What you are asked to do
All of the listing is to be written out word for word, with the pictures left out.

Records for the exercise
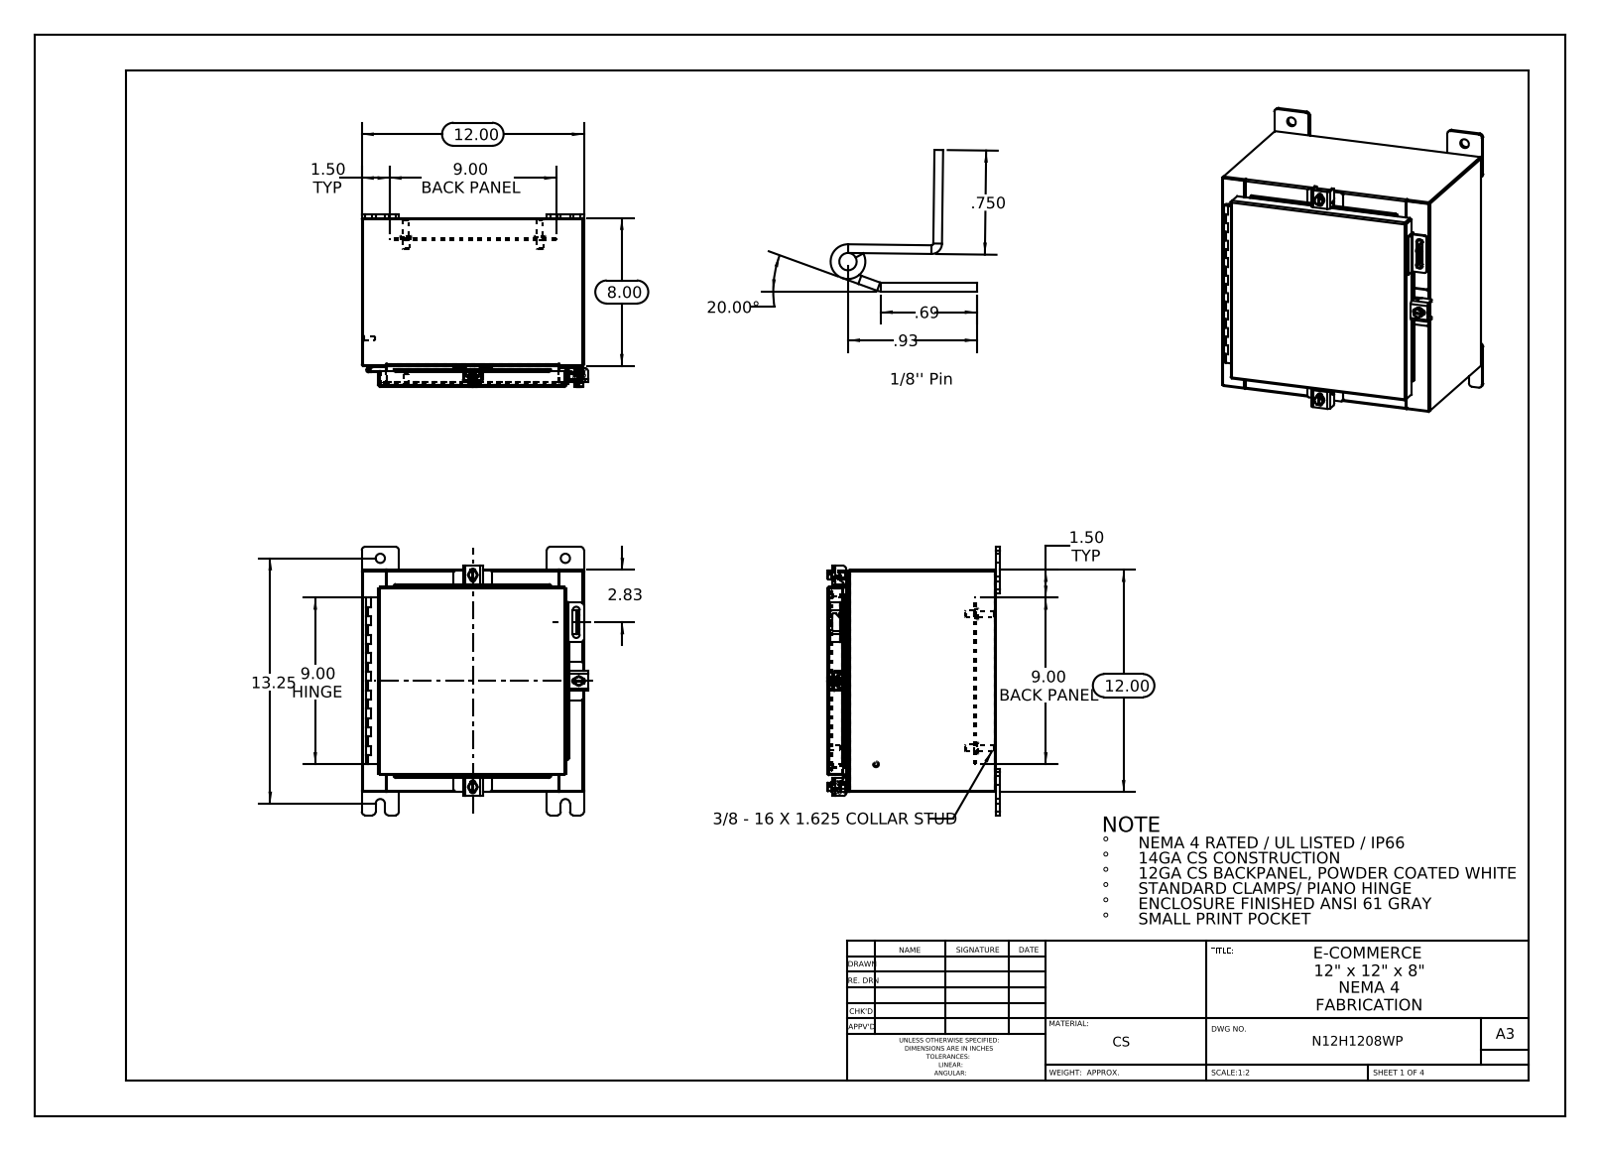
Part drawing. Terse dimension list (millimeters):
name: N12H1208WP Standard Clamps; N12H1208WP; N12H1208WP Clamp Assembly; Clamp Top_RTP31 (+8 more)
written by: SolidWorks 2014 (CONFIG_CONTROL_DESIGN)
unit: mm
bodies: 34 solids, 1080 faces (578 planar, 418 cylindrical, 84 other)
size: 368.3 × 310.2 × 236.6
volume: 1 173 000 mm³; area: 1 182 000 mm²
holes: 8× ⌀12.7, 3× ⌀5.4, 3× ⌀6.6, 2× ⌀3.2, 1× ⌀3.2
bosses: 4× ⌀15.9, 4× ⌀9.5, 4× ⌀8.4, 4× ⌀6.4, 3× ⌀12.7, 3× ⌀10.1, 2× ⌀8, 2× ⌀6
rounds: 24× R4.8, 23× R0.3, 21× R2.2, 18× R1.5, 10× R3.2, 6× R0.5, 6× R2.5, 6× R3
face distances: 1.9, 302.9, 229.6, 301, 304.8, 201.3, 28.3, 227.7, 231.5, 25.4
hole spacings: 106.4, 254.7, 56.5, 83.8, 127.3, 129, 184.2, 184.2

Response to the task
Part drawing. Terse dimension list (millimeters):
name: N12H1208WP Standard Clamps; N12H1208WP; N12H1208WP Clamp Assembly; Clamp Top_RTP31 (+8 more)
written by: SolidWorks 2014 (CONFIG_CONTROL_DESIGN)
unit: mm
bodies: 34 solids, 1080 faces (578 planar, 418 cylindrical, 84 other)
size: 368.3 × 310.2 × 236.6
volume: 1 173 000 mm³; area: 1 182 000 mm²
holes: 8× ⌀12.7, 3× ⌀5.4, 3× ⌀6.6, 2× ⌀3.2, 1× ⌀3.2
bosses: 4× ⌀15.9, 4× ⌀9.5, 4× ⌀8.4, 4× ⌀6.4, 3× ⌀12.7, 3× ⌀10.1, 2× ⌀8, 2× ⌀6
rounds: 24× R4.8, 23× R0.3, 21× R2.2, 18× R1.5, 10× R3.2, 6× R0.5, 6× R2.5, 6× R3
face distances: 1.9, 302.9, 229.6, 301, 304.8, 201.3, 28.3, 227.7, 231.5, 25.4
hole spacings: 106.4, 254.7, 56.5, 83.8, 127.3, 129, 184.2, 184.2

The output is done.